Coinheritance of the c.-19 G > C and c.315 + 1 G > A Variants in the β -Globin Gene Leads to Thalassemia Disease: A Report from the North of Iran.
Hossein JalaliMahan MahdaviMohammad EslamijouybariMohammad Reza Mahdavi AmiriPublished in: Case reports in genetics (2023)
Up to now, more than 300 pathogenic variants have been identified in the β -globin gene, some of which are categorized as silent mutations that do not change the hematological indices. In the present study, our aim is to introduce the first report of a case with thalassemia intermedia with coinheritance of the c.315 + 1 G > A pathogenic variant and a silent variant (HBB: c.-19 G > C) that was missed during the screening program.
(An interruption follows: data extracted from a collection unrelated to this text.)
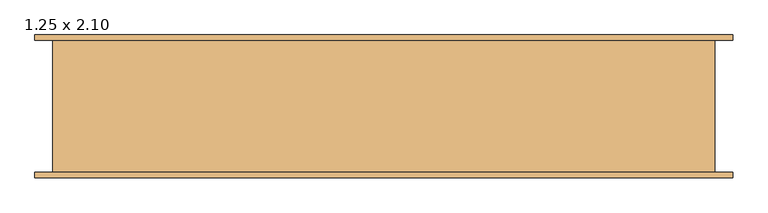
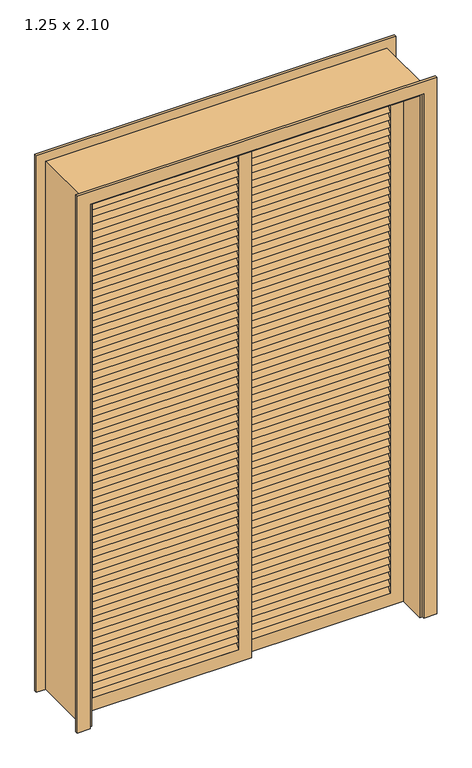
"""IFC4 building model written with IfcOpenShell, lengths in millimetres: door geometry, .CC_ND 300_PORTA DE CORRER_3 FOLHAS_VENEZIANA_VIDRO_COM EXTENSÃO : 1.25 x 2.10."""

import ifcopenshell
import ifcopenshell.guid

model = None  # the IFC model being written
_history = None  # IfcOwnerHistory: only IFC2X3 demands one
_inside = {}  # id of a spatial element -> (the spatial element, [elements in it])
_under = {}  # id of a project, library or spatial element -> (it, [spatial elements below it])
_declared = {}  # id of a project -> (the project, [libraries it declares])
_typed = {}  # id of a type object -> (the type object, [elements of that type])
_made_of = {}  # id of a material, layer set ... -> (it, [elements and type objects made of it])


def new_model(schema):
    """Start an empty IFC model of exactly this schema.

    Asked for "IFC4X3", IfcOpenShell would pick the latest addendum, in which some entities
    have other attributes; the version numbers below select the first issue.
    IFC2X3 requires an IfcOwnerHistory on every rooted entity: one is made here for all.
    """
    global model, _history
    if schema == "IFC4X3":
        model = ifcopenshell.file(schema_version=(4, 3, 0, 0))
    else:
        model = ifcopenshell.file(schema=schema)
    _inside.clear()
    _under.clear()
    _declared.clear()
    _typed.clear()
    _made_of.clear()
    _history = None
    if model.schema == "IFC2X3":
        org = make("IfcOrganization", Name="unknown")
        user = make(
            "IfcPersonAndOrganization",
            ThePerson=make("IfcPerson", FamilyName="unknown"),
            TheOrganization=org,
        )
        app = make(
            "IfcApplication",
            ApplicationDeveloper=org,
            Version="unknown",
            ApplicationFullName="unknown",
            ApplicationIdentifier="unknown",
        )
        _history = make(
            "IfcOwnerHistory",
            OwningUser=user,
            OwningApplication=app,
            ChangeAction="ADDED",
            CreationDate=0,
        )
    return model


def make(cls, **values):
    """One entity of the class cls with the attributes given. An attribute that is None is left unset."""
    return model.create_entity(
        cls, **{name: value for name, value in values.items() if value is not None}
    )


def rooted(cls, **values):
    """An entity with a GlobalId (a new one), such as an element, a storey or a relation."""
    return make(cls, GlobalId=ifcopenshell.guid.new(), OwnerHistory=_history, **values)


def si_unit(unit_type, name, prefix=None):
    """IfcSIUnit, for example si_unit("LENGTHUNIT", "METRE", prefix="MILLI")."""
    return make("IfcSIUnit", UnitType=unit_type, Prefix=prefix, Name=name)


def assignment(units):
    """IfcUnitAssignment: the units of a project."""
    return None if units is None else make("IfcUnitAssignment", Units=units)


def point(xyz):
    """IfcCartesianPoint."""
    return None if xyz is None else make("IfcCartesianPoint", Coordinates=xyz)


def direction(xyz):
    """IfcDirection."""
    return None if xyz is None else make("IfcDirection", DirectionRatios=xyz)


def frame(location, z_axis=None, x_axis=None):
    """IfcAxis2Placement3D, a coordinate frame: its origin and axes. An axis left out is left unset."""
    return make(
        "IfcAxis2Placement3D",
        Location=point(location),
        Axis=direction(z_axis),
        RefDirection=direction(x_axis),
    )


def origin():
    """The frame at (0, 0, 0) with its axes left unset."""
    return frame((0.0, 0.0, 0.0))


def place(relative_to, where):
    """IfcLocalPlacement: puts the frame where relative to a parent placement (None: the world)."""
    return make(
        "IfcLocalPlacement", PlacementRelTo=relative_to, RelativePlacement=where
    )


def context(
    kind, dimensions, precision=None, world=None, true_north=None, identifier=None
):
    """IfcGeometricRepresentationContext, for example the 3D "Model" context."""
    return make(
        "IfcGeometricRepresentationContext",
        ContextIdentifier=identifier,
        ContextType=kind,
        CoordinateSpaceDimension=dimensions,
        Precision=precision,
        WorldCoordinateSystem=world,
        TrueNorth=true_north,
    )


def project(units=None, contexts=None):
    """IfcProject with its units and contexts."""
    return rooted(
        "IfcProject",
        Name="project",
        RepresentationContexts=contexts,
        UnitsInContext=assignment(units),
    )


def spatial(cls, under=None, at=None, **own):
    """A site, building, storey or space (cls), placed at a placement, below another one or the project."""
    s = rooted(cls, ObjectPlacement=at, **own)
    if under is not None:
        _under.setdefault(under.id(), (under, []))[1].append(s)
    return s


def polyline(points):
    """IfcPolyline through the points."""
    return make("IfcPolyline", Points=[point(p) for p in points])


def outline(outer, holes=None, kind="AREA"):
    """IfcArbitraryClosedProfileDef: a profile drawn as a closed curve; with holes, ...WithVoids."""
    if holes is None:
        return make("IfcArbitraryClosedProfileDef", ProfileType=kind, OuterCurve=outer)
    return make(
        "IfcArbitraryProfileDefWithVoids",
        ProfileType=kind,
        OuterCurve=outer,
        InnerCurves=holes,
    )


def extrude(swept, where, along, depth):
    """IfcExtrudedAreaSolid: the profile swept, set in the frame where, extruded along a direction by depth."""
    return make(
        "IfcExtrudedAreaSolid",
        SweptArea=swept,
        Position=where,
        ExtrudedDirection=direction(along),
        Depth=depth,
    )


def shape(context_of_items, identifier, shape_type, items):
    """IfcShapeRepresentation: the items that make up one representation, for example the "Body"."""
    return make(
        "IfcShapeRepresentation",
        ContextOfItems=context_of_items,
        RepresentationIdentifier=identifier,
        RepresentationType=shape_type,
        Items=items,
    )


def source(mapping_origin, context_of_items, identifier, shape_type, items):
    """IfcRepresentationMap: a shape defined once, which mapped items show again and again."""
    return make(
        "IfcRepresentationMap",
        MappingOrigin=mapping_origin,
        MappedRepresentation=shape(context_of_items, identifier, shape_type, items),
    )


def transform(
    local_origin,
    x_axis=None,
    y_axis=None,
    z_axis=None,
    scale=None,
    scale2=None,
    scale3=None,
    uniform=True,
):
    """IfcCartesianTransformationOperator3D, or its non-uniform kind. x_axis, y_axis, z_axis: its Axis1, 2, 3."""
    if uniform:
        return make(
            "IfcCartesianTransformationOperator3D",
            Axis1=direction(x_axis),
            Axis2=direction(y_axis),
            LocalOrigin=point(local_origin),
            Scale=scale,
            Axis3=direction(z_axis),
        )
    return make(
        "IfcCartesianTransformationOperator3DnonUniform",
        Axis1=direction(x_axis),
        Axis2=direction(y_axis),
        LocalOrigin=point(local_origin),
        Scale=scale,
        Axis3=direction(z_axis),
        Scale2=scale2,
        Scale3=scale3,
    )


def mapped(mapping_source, mapping_target):
    """IfcMappedItem: shows the shape of a source again, moved by a transform."""
    return make(
        "IfcMappedItem", MappingSource=mapping_source, MappingTarget=mapping_target
    )


def made_of(thing, what):
    """Note that an element or type object is made of a material, layer set ...; save() writes the relation."""
    if what is not None:
        _made_of.setdefault(what.id(), (what, []))[1].append(thing)
    return thing


def element(
    cls,
    number,
    at=None,
    inside=None,
    cuts=None,
    type_object=None,
    material=None,
    context=None,
    identifier="Body",
    shape_type=None,
    held_by="IfcProductDefinitionShape",
    body=None,
    shapes=None,
    **own,
):
    """One element of the class cls, such as IfcWall. Its Tag is "e" and its number.

    at: its placement. inside: the storey or other place that contains it. cuts: it is an
    opening in that element (IfcRelVoidsElement). A single representation is given by context,
    identifier, shape_type and body (its items); several are given by shapes. held_by: the class
    of the entity that holds the representations. save() writes the other relations.
    """
    e = rooted(cls, Tag="e%d" % number, ObjectPlacement=at, **own)
    if body is not None:
        shapes = [shape(context, identifier, shape_type, body)]
    if shapes is not None:
        e.Representation = make(held_by, Representations=shapes)
    if inside is not None:
        _inside.setdefault(inside.id(), (inside, []))[1].append(e)
    if cuts is not None:
        rooted(
            "IfcRelVoidsElement", RelatingBuildingElement=cuts, RelatedOpeningElement=e
        )
    if type_object is not None:
        _typed.setdefault(type_object.id(), (type_object, []))[1].append(e)
    return made_of(e, material)


def aggregate(whole, parts):
    """IfcRelAggregates: a whole, such as a stair, and the parts it consists of."""
    return rooted("IfcRelAggregates", RelatingObject=whole, RelatedObjects=parts)


def save(model, path):
    """Write the relations noted so far, then the file.

    IfcRelAggregates (storeys below a building ...), IfcRelContainedInSpatialStructure (elements
    in a storey), IfcRelDefinesByType, IfcRelAssociatesMaterial and IfcRelDeclares: one each for
    every whole, place, type object, material and project.
    """
    for whole, parts in _under.values():
        aggregate(whole, parts)
    for where, things in _inside.values():
        rooted(
            "IfcRelContainedInSpatialStructure",
            RelatedElements=things,
            RelatingStructure=where,
        )
    for kind, things in _typed.values():
        rooted("IfcRelDefinesByType", RelatedObjects=things, RelatingType=kind)
    for what, things in _made_of.values():
        rooted("IfcRelAssociatesMaterial", RelatedObjects=things, RelatingMaterial=what)
    for by, libraries in _declared.values():
        rooted("IfcRelDeclares", RelatingContext=by, RelatedDefinitions=libraries)
    model.write(path)


def door_1_25_x_2_10_052434fb(model_context):
    return source(origin(), model_context, "Body", "SweptSolid", [
        extrude(outline(polyline([(575.0, 26.0), (20.0, 26.0), (20.0, 34.0), (575.0, 34.0), (575.0, 26.0)])), frame((0.0, 0.0, 50.0), z_axis=(0.0, 0.0, 1.0), x_axis=(1.0, 0.0, 0.0)), (0.0, 0.0, 1.0), 2000.0),
        extrude(outline(polyline([(2100.0, 625.0), (2100.0, -30.0), (0.0, -30.0), (0.0, 625.0), (2100.0, 625.0)]), holes=[polyline([(2050.0, 575.0), (50.0, 575.0), (50.0, 20.0), (2050.0, 20.0), (2050.0, 575.0)])]), frame((0.0, 15.0, 0.0), z_axis=(0.0, 1.0, 0.0), x_axis=(0.0, 0.0, 1.0)), (0.0, 0.0, 1.0), 30.0),
        extrude(outline(polyline([(-40.0, 1985.2272727), (-45.0, 1985.2272727), (-20.0, 2020.2272727), (-15.0, 2020.2272727), (-40.0, 1985.2272727)])), frame((-575.0, 0.0, 0.0), z_axis=(1.0, 0.0, 0.0), x_axis=(0.0, 1.0, 0.0)), (0.0, 0.0, 1.0), 555.0),
        extrude(outline(polyline([(-40.0, 1955.4545455), (-45.0, 1955.4545455), (-20.0, 1990.4545455), (-15.0, 1990.4545455), (-40.0, 1955.4545455)])), frame((-575.0, 0.0, 0.0), z_axis=(1.0, 0.0, 0.0), x_axis=(0.0, 1.0, 0.0)), (0.0, 0.0, 1.0), 555.0),
        extrude(outline(polyline([(-40.0, 1925.6818182), (-45.0, 1925.6818182), (-20.0, 1960.6818182), (-15.0, 1960.6818182), (-40.0, 1925.6818182)])), frame((-575.0, 0.0, 0.0), z_axis=(1.0, 0.0, 0.0), x_axis=(0.0, 1.0, 0.0)), (0.0, 0.0, 1.0), 555.0),
        extrude(outline(polyline([(-40.0, 1895.9090909), (-45.0, 1895.9090909), (-20.0, 1930.9090909), (-15.0, 1930.9090909), (-40.0, 1895.9090909)])), frame((-575.0, 0.0, 0.0), z_axis=(1.0, 0.0, 0.0), x_axis=(0.0, 1.0, 0.0)), (0.0, 0.0, 1.0), 555.0),
        extrude(outline(polyline([(-40.0, 1866.1363636), (-45.0, 1866.1363636), (-20.0, 1901.1363636), (-15.0, 1901.1363636), (-40.0, 1866.1363636)])), frame((-575.0, 0.0, 0.0), z_axis=(1.0, 0.0, 0.0), x_axis=(0.0, 1.0, 0.0)), (0.0, 0.0, 1.0), 555.0),
        extrude(outline(polyline([(-40.0, 1836.3636364), (-45.0, 1836.3636364), (-20.0, 1871.3636364), (-15.0, 1871.3636364), (-40.0, 1836.3636364)])), frame((-575.0, 0.0, 0.0), z_axis=(1.0, 0.0, 0.0), x_axis=(0.0, 1.0, 0.0)), (0.0, 0.0, 1.0), 555.0),
        extrude(outline(polyline([(-40.0, 1806.5909091), (-45.0, 1806.5909091), (-20.0, 1841.5909091), (-15.0, 1841.5909091), (-40.0, 1806.5909091)])), frame((-575.0, 0.0, 0.0), z_axis=(1.0, 0.0, 0.0), x_axis=(0.0, 1.0, 0.0)), (0.0, 0.0, 1.0), 555.0),
        extrude(outline(polyline([(-40.0, 1776.8181818), (-45.0, 1776.8181818), (-20.0, 1811.8181818), (-15.0, 1811.8181818), (-40.0, 1776.8181818)])), frame((-575.0, 0.0, 0.0), z_axis=(1.0, 0.0, 0.0), x_axis=(0.0, 1.0, 0.0)), (0.0, 0.0, 1.0), 555.0),
        extrude(outline(polyline([(-40.0, 1747.0454545), (-45.0, 1747.0454545), (-20.0, 1782.0454545), (-15.0, 1782.0454545), (-40.0, 1747.0454545)])), frame((-575.0, 0.0, 0.0), z_axis=(1.0, 0.0, 0.0), x_axis=(0.0, 1.0, 0.0)), (0.0, 0.0, 1.0), 555.0),
        extrude(outline(polyline([(-40.0, 1717.2727273), (-45.0, 1717.2727273), (-20.0, 1752.2727273), (-15.0, 1752.2727273), (-40.0, 1717.2727273)])), frame((-575.0, 0.0, 0.0), z_axis=(1.0, 0.0, 0.0), x_axis=(0.0, 1.0, 0.0)), (0.0, 0.0, 1.0), 555.0),
        extrude(outline(polyline([(-40.0, 1687.5), (-45.0, 1687.5), (-20.0, 1722.5), (-15.0, 1722.5), (-40.0, 1687.5)])), frame((-575.0, 0.0, 0.0), z_axis=(1.0, 0.0, 0.0), x_axis=(0.0, 1.0, 0.0)), (0.0, 0.0, 1.0), 555.0),
        extrude(outline(polyline([(-40.0, 1657.7272727), (-45.0, 1657.7272727), (-20.0, 1692.7272727), (-15.0, 1692.7272727), (-40.0, 1657.7272727)])), frame((-575.0, 0.0, 0.0), z_axis=(1.0, 0.0, 0.0), x_axis=(0.0, 1.0, 0.0)), (0.0, 0.0, 1.0), 555.0),
        extrude(outline(polyline([(-40.0, 1627.9545455), (-45.0, 1627.9545455), (-20.0, 1662.9545455), (-15.0, 1662.9545455), (-40.0, 1627.9545455)])), frame((-575.0, 0.0, 0.0), z_axis=(1.0, 0.0, 0.0), x_axis=(0.0, 1.0, 0.0)), (0.0, 0.0, 1.0), 555.0),
        extrude(outline(polyline([(-40.0, 1598.1818182), (-45.0, 1598.1818182), (-20.0, 1633.1818182), (-15.0, 1633.1818182), (-40.0, 1598.1818182)])), frame((-575.0, 0.0, 0.0), z_axis=(1.0, 0.0, 0.0), x_axis=(0.0, 1.0, 0.0)), (0.0, 0.0, 1.0), 555.0),
        extrude(outline(polyline([(-40.0, 1568.4090909), (-45.0, 1568.4090909), (-20.0, 1603.4090909), (-15.0, 1603.4090909), (-40.0, 1568.4090909)])), frame((-575.0, 0.0, 0.0), z_axis=(1.0, 0.0, 0.0), x_axis=(0.0, 1.0, 0.0)), (0.0, 0.0, 1.0), 555.0),
        extrude(outline(polyline([(-40.0, 1538.6363636), (-45.0, 1538.6363636), (-20.0, 1573.6363636), (-15.0, 1573.6363636), (-40.0, 1538.6363636)])), frame((-575.0, 0.0, 0.0), z_axis=(1.0, 0.0, 0.0), x_axis=(0.0, 1.0, 0.0)), (0.0, 0.0, 1.0), 555.0),
        extrude(outline(polyline([(-40.0, 1508.8636364), (-45.0, 1508.8636364), (-20.0, 1543.8636364), (-15.0, 1543.8636364), (-40.0, 1508.8636364)])), frame((-575.0, 0.0, 0.0), z_axis=(1.0, 0.0, 0.0), x_axis=(0.0, 1.0, 0.0)), (0.0, 0.0, 1.0), 555.0),
        extrude(outline(polyline([(-40.0, 1479.0909091), (-45.0, 1479.0909091), (-20.0, 1514.0909091), (-15.0, 1514.0909091), (-40.0, 1479.0909091)])), frame((-575.0, 0.0, 0.0), z_axis=(1.0, 0.0, 0.0), x_axis=(0.0, 1.0, 0.0)), (0.0, 0.0, 1.0), 555.0),
        extrude(outline(polyline([(-40.0, 1449.3181818), (-45.0, 1449.3181818), (-20.0, 1484.3181818), (-15.0, 1484.3181818), (-40.0, 1449.3181818)])), frame((-575.0, 0.0, 0.0), z_axis=(1.0, 0.0, 0.0), x_axis=(0.0, 1.0, 0.0)), (0.0, 0.0, 1.0), 555.0),
        extrude(outline(polyline([(-40.0, 1419.5454545), (-45.0, 1419.5454545), (-20.0, 1454.5454545), (-15.0, 1454.5454545), (-40.0, 1419.5454545)])), frame((-575.0, 0.0, 0.0), z_axis=(1.0, 0.0, 0.0), x_axis=(0.0, 1.0, 0.0)), (0.0, 0.0, 1.0), 555.0),
        extrude(outline(polyline([(-40.0, 1389.7727273), (-45.0, 1389.7727273), (-20.0, 1424.7727273), (-15.0, 1424.7727273), (-40.0, 1389.7727273)])), frame((-575.0, 0.0, 0.0), z_axis=(1.0, 0.0, 0.0), x_axis=(0.0, 1.0, 0.0)), (0.0, 0.0, 1.0), 555.0),
        extrude(outline(polyline([(-40.0, 1360.0), (-45.0, 1360.0), (-20.0, 1395.0), (-15.0, 1395.0), (-40.0, 1360.0)])), frame((-575.0, 0.0, 0.0), z_axis=(1.0, 0.0, 0.0), x_axis=(0.0, 1.0, 0.0)), (0.0, 0.0, 1.0), 555.0),
        extrude(outline(polyline([(-40.0, 1330.2272727), (-45.0, 1330.2272727), (-20.0, 1365.2272727), (-15.0, 1365.2272727), (-40.0, 1330.2272727)])), frame((-575.0, 0.0, 0.0), z_axis=(1.0, 0.0, 0.0), x_axis=(0.0, 1.0, 0.0)), (0.0, 0.0, 1.0), 555.0),
        extrude(outline(polyline([(-40.0, 1300.4545455), (-45.0, 1300.4545455), (-20.0, 1335.4545455), (-15.0, 1335.4545455), (-40.0, 1300.4545455)])), frame((-575.0, 0.0, 0.0), z_axis=(1.0, 0.0, 0.0), x_axis=(0.0, 1.0, 0.0)), (0.0, 0.0, 1.0), 555.0),
        extrude(outline(polyline([(-40.0, 1270.6818182), (-45.0, 1270.6818182), (-20.0, 1305.6818182), (-15.0, 1305.6818182), (-40.0, 1270.6818182)])), frame((-575.0, 0.0, 0.0), z_axis=(1.0, 0.0, 0.0), x_axis=(0.0, 1.0, 0.0)), (0.0, 0.0, 1.0), 555.0),
        extrude(outline(polyline([(-40.0, 1240.9090909), (-45.0, 1240.9090909), (-20.0, 1275.9090909), (-15.0, 1275.9090909), (-40.0, 1240.9090909)])), frame((-575.0, 0.0, 0.0), z_axis=(1.0, 0.0, 0.0), x_axis=(0.0, 1.0, 0.0)), (0.0, 0.0, 1.0), 555.0),
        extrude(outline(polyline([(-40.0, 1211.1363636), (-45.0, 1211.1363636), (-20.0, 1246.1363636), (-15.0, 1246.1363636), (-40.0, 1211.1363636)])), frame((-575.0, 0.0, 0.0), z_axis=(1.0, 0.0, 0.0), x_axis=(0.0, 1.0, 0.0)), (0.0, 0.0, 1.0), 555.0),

Multiplex-Gap-PCR and Sanger sequencing methods were applied to identify α- and β -globin gene mutations in a 26-year-old male subject with diagnosis of thalassemia. The identified mutations were also checked on the parent's sample. The CBC and capillary electrophoresis tests were performed on the parent's blood samples. The case was compound heterozygote for the c.315 + 1 G > A and c.-19 G > C (rs1239893012) variants. The subject's mother carried the c.-19 G > C variant in the β -globin gene while her CBC and electrophoresis test results showed a normal pattern. Silent mutations are susceptible to being missed during premarital screening of β -thalassemia carriers, and the c.-19 G > C variant is recommended to be classified as a pathogenic variant in the β -globin gene.